» Exercise description: Could you reproduce every record below exactly, excluding all pictures?

*** Opening Records ***

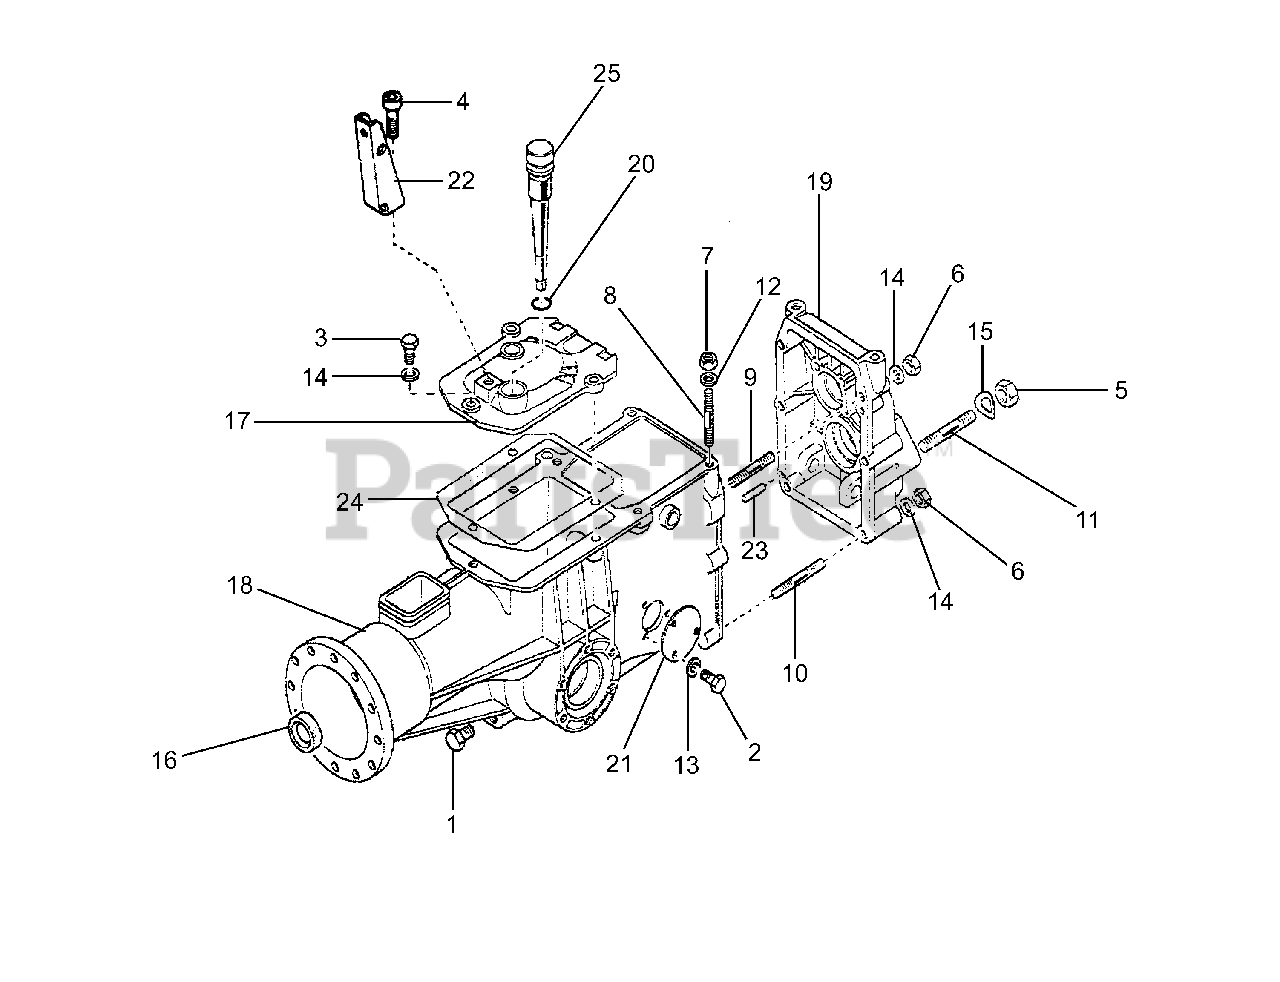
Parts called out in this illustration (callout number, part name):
1	PLUG 1/4 GAS UNI 364
2	HEX. SCREW M6X10 UNI 5739 8G
3	HEX. SCREW M8X25 UNI 5739-8G
4	SCREW M10X25
5	NUT M12X1.25 UNI 5587 6S
6	LOCKNUT M 8
7	LOCKING NUT M8 DEFORM.6S
8	STUD M8X38X14X20
9	STUD M8X58X16X16 8G
10	STUD M8X70X16X16 8G
11	STUD 56XM12X1.25X26XM12X22 8G
12	SUPER WASHER 8 DIN6796 GALV.
13	SPRING WASHER 6.4 DIN 137
14	SPRING WASHER B 8.4 DIN 137
15	SPRING WASHER B 13 DIN 137
16	OIL SEAL 15X28X6
17	CLOSED GEARBOX COVER
18	GEARBOX CASING
20	RING RUBBER
21	SIDE BOX COVER
22	LONG STOP BRACKET
23	PARALLEL PIN D 6X20
25	CAP WITH MEASURING ROD
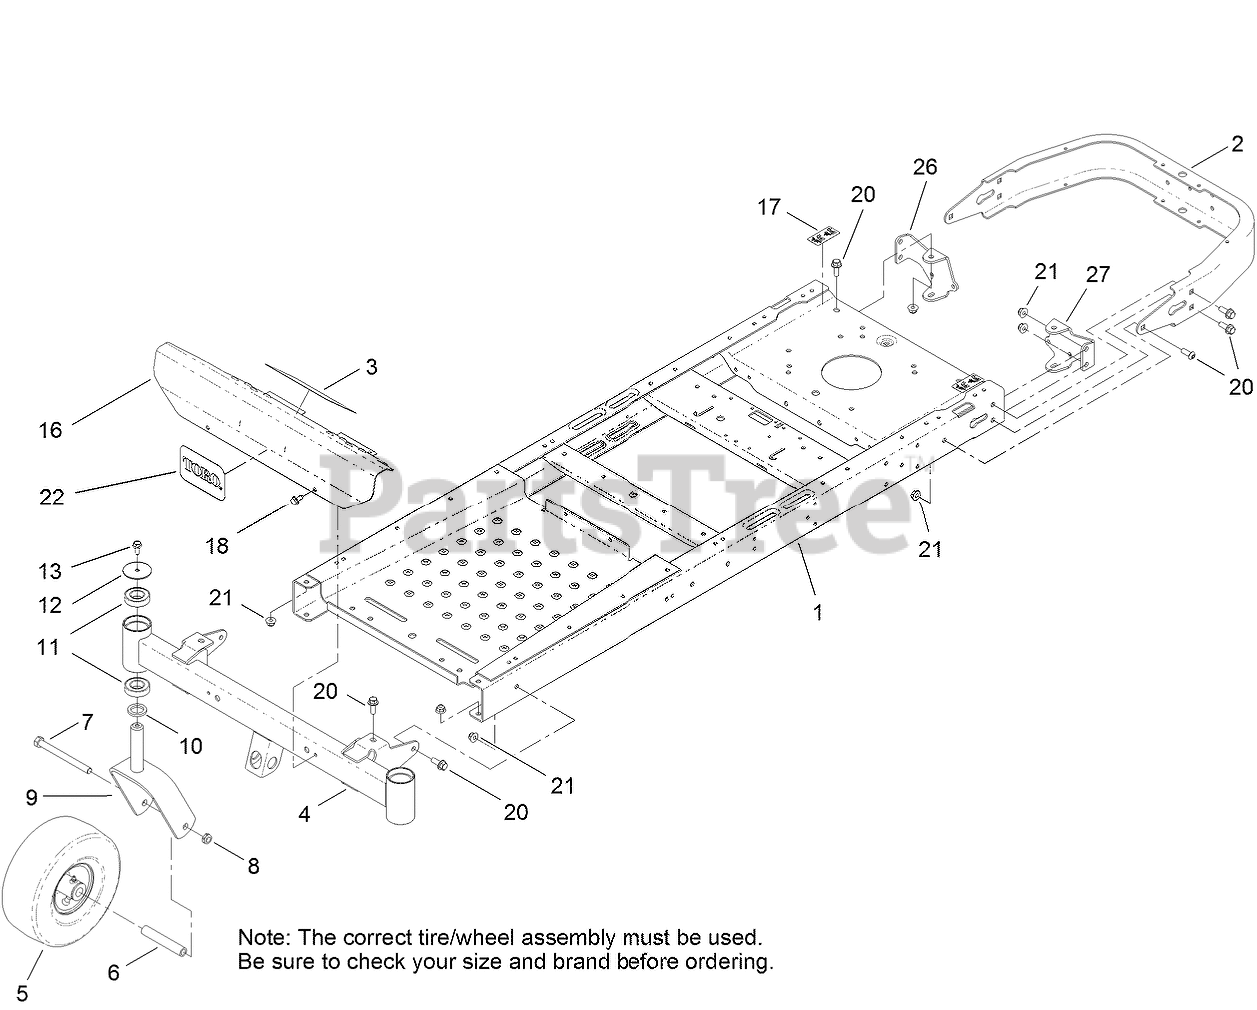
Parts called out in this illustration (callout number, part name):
2	BUMPER-REAR
3	DECAL-DANGER
4	AXLE-FRONT
5	CASTER WHEEL ASM (CST)
5	CASTER WHEEL ASM (Kenda)
6	BUSHING-SPANNER
7	SCREW-HH
8	NUT-LOCK, NI
9	CASTER FORK ASM
10	WASHER-THRUST
11	BEARING-BALL
12	WASHER
13	SCREW-HHF
16	FOOTREST
17	DECAL-BYPASS
18	SCREW-HWHTF
20	SCREW-HHF
20	SCREW-HSBH
21	NUT-HF, NI
26	MOUNT-HYDRO, REAR (RH)
27	MOUNT-HYDRO, REAR (LH)
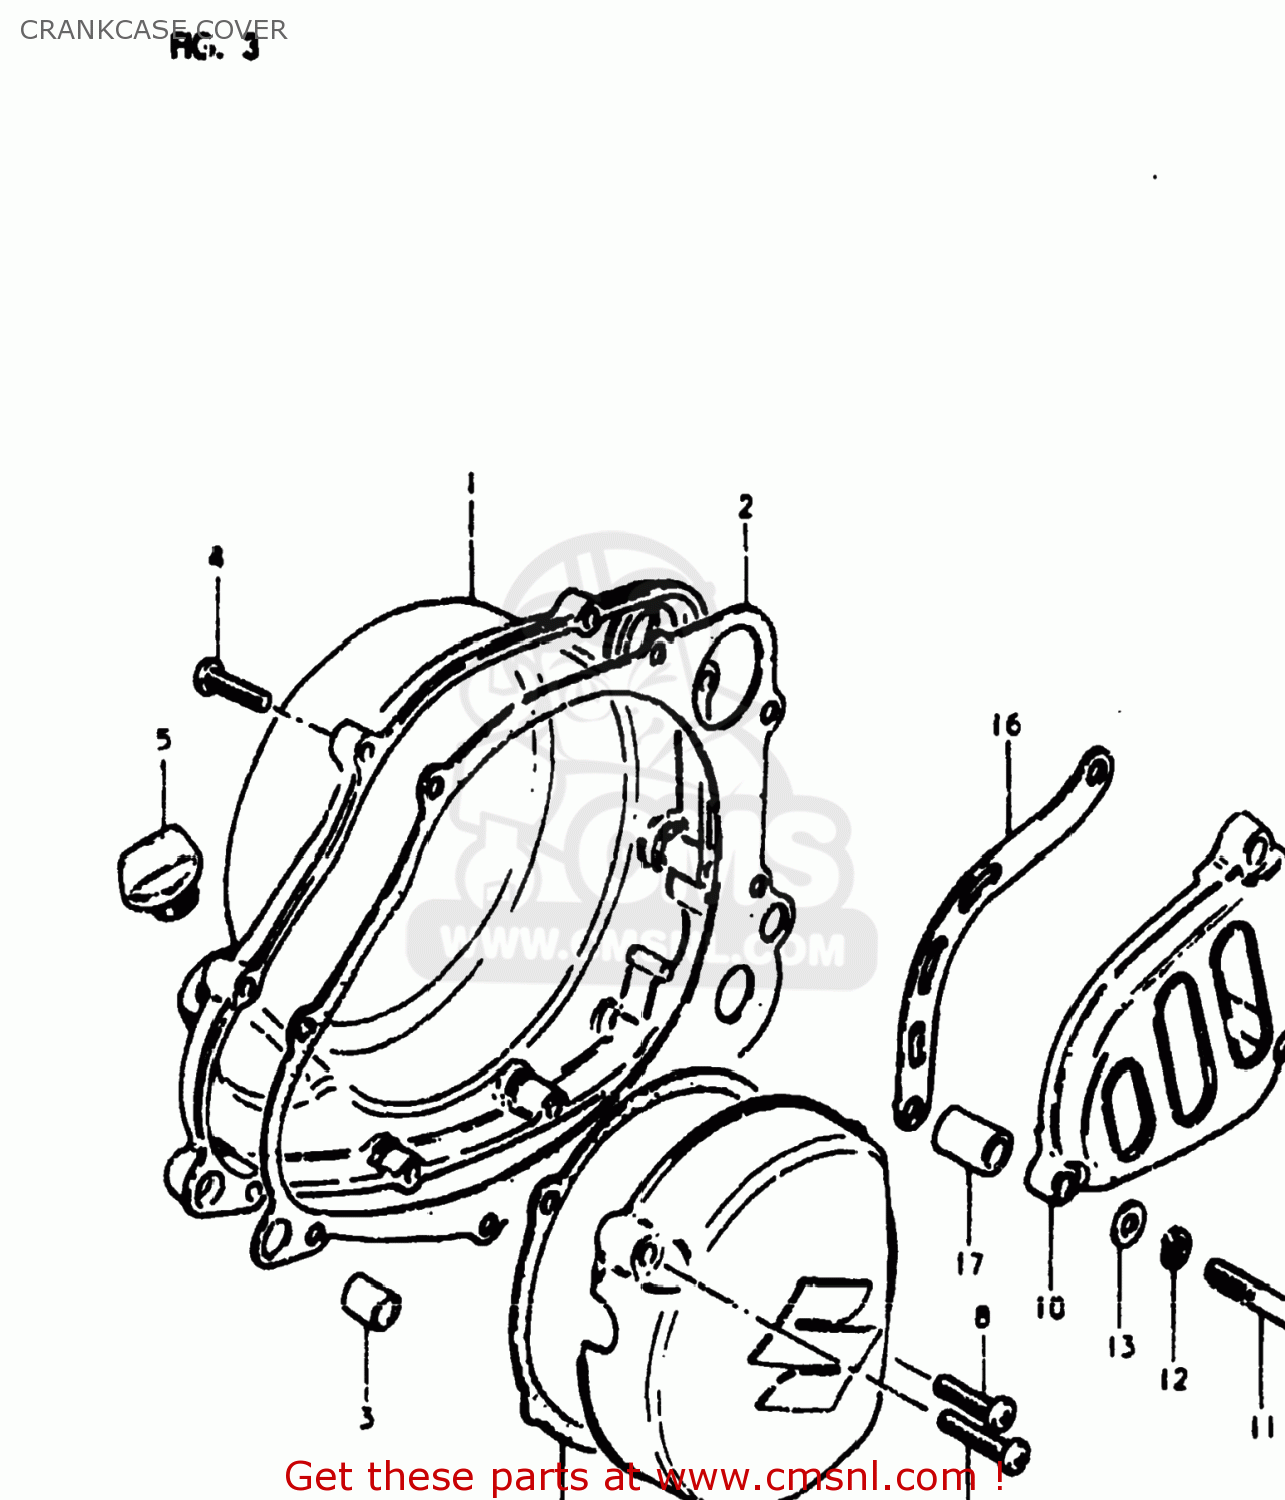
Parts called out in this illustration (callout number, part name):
1	COVER,CLUTCH
2	GASKET,CLUTCH COVER (MCA)
3	PIN
4	SCREW
5	PLUG,OIL FILTER
6	COVER
7	GASKET,MAGNETO COVER (MCA)
8	SCREW
9	SCREW 6X30
10	COVER,ENGINE SPROCKET
11	BOLT 8X55
12	LOCK WASHER
13	WASHER
14	SCREW
15	LOCK WASHER
16	PLATE,FR CHAIN GUIDE
17	SPACER(8.6X16X24)

*** Closing Records ***

» Exercise output:
Parts called out in this illustration (callout number, part name):
1	PLUG 1/4 GAS UNI 364
2	HEX. SCREW M6X10 UNI 5739 8G
3	HEX. SCREW M8X25 UNI 5739-8G
4	SCREW M10X25
5	NUT M12X1.25 UNI 5587 6S
6	LOCKNUT M 8
7	LOCKING NUT M8 DEFORM.6S
8	STUD M8X38X14X20
9	STUD M8X58X16X16 8G
10	STUD M8X70X16X16 8G
11	STUD 56XM12X1.25X26XM12X22 8G
12	SUPER WASHER 8 DIN6796 GALV.
13	SPRING WASHER 6.4 DIN 137
14	SPRING WASHER B 8.4 DIN 137
15	SPRING WASHER B 13 DIN 137
16	OIL SEAL 15X28X6
17	CLOSED GEARBOX COVER
18	GEARBOX CASING
20	RING RUBBER
21	SIDE BOX COVER
22	LONG STOP BRACKET
23	PARALLEL PIN D 6X20
25	CAP WITH MEASURING ROD
Parts called out in this illustration (callout number, part name):
2	BUMPER-REAR
3	DECAL-DANGER
4	AXLE-FRONT
5	CASTER WHEEL ASM (CST)
5	CASTER WHEEL ASM (Kenda)
6	BUSHING-SPANNER
7	SCREW-HH
8	NUT-LOCK, NI
9	CASTER FORK ASM
10	WASHER-THRUST
11	BEARING-BALL
12	WASHER
13	SCREW-HHF
16	FOOTREST
17	DECAL-BYPASS
18	SCREW-HWHTF
20	SCREW-HHF
20	SCREW-HSBH
21	NUT-HF, NI
26	MOUNT-HYDRO, REAR (RH)
27	MOUNT-HYDRO, REAR (LH)
Parts called out in this illustration (callout number, part name):
1	COVER,CLUTCH
2	GASKET,CLUTCH COVER (MCA)
3	PIN
4	SCREW
5	PLUG,OIL FILTER
6	COVER
7	GASKET,MAGNETO COVER (MCA)
8	SCREW
9	SCREW 6X30
10	COVER,ENGINE SPROCKET
11	BOLT 8X55
12	LOCK WASHER
13	WASHER
14	SCREW
15	LOCK WASHER
16	PLATE,FR CHAIN GUIDE
17	SPACER(8.6X16X24)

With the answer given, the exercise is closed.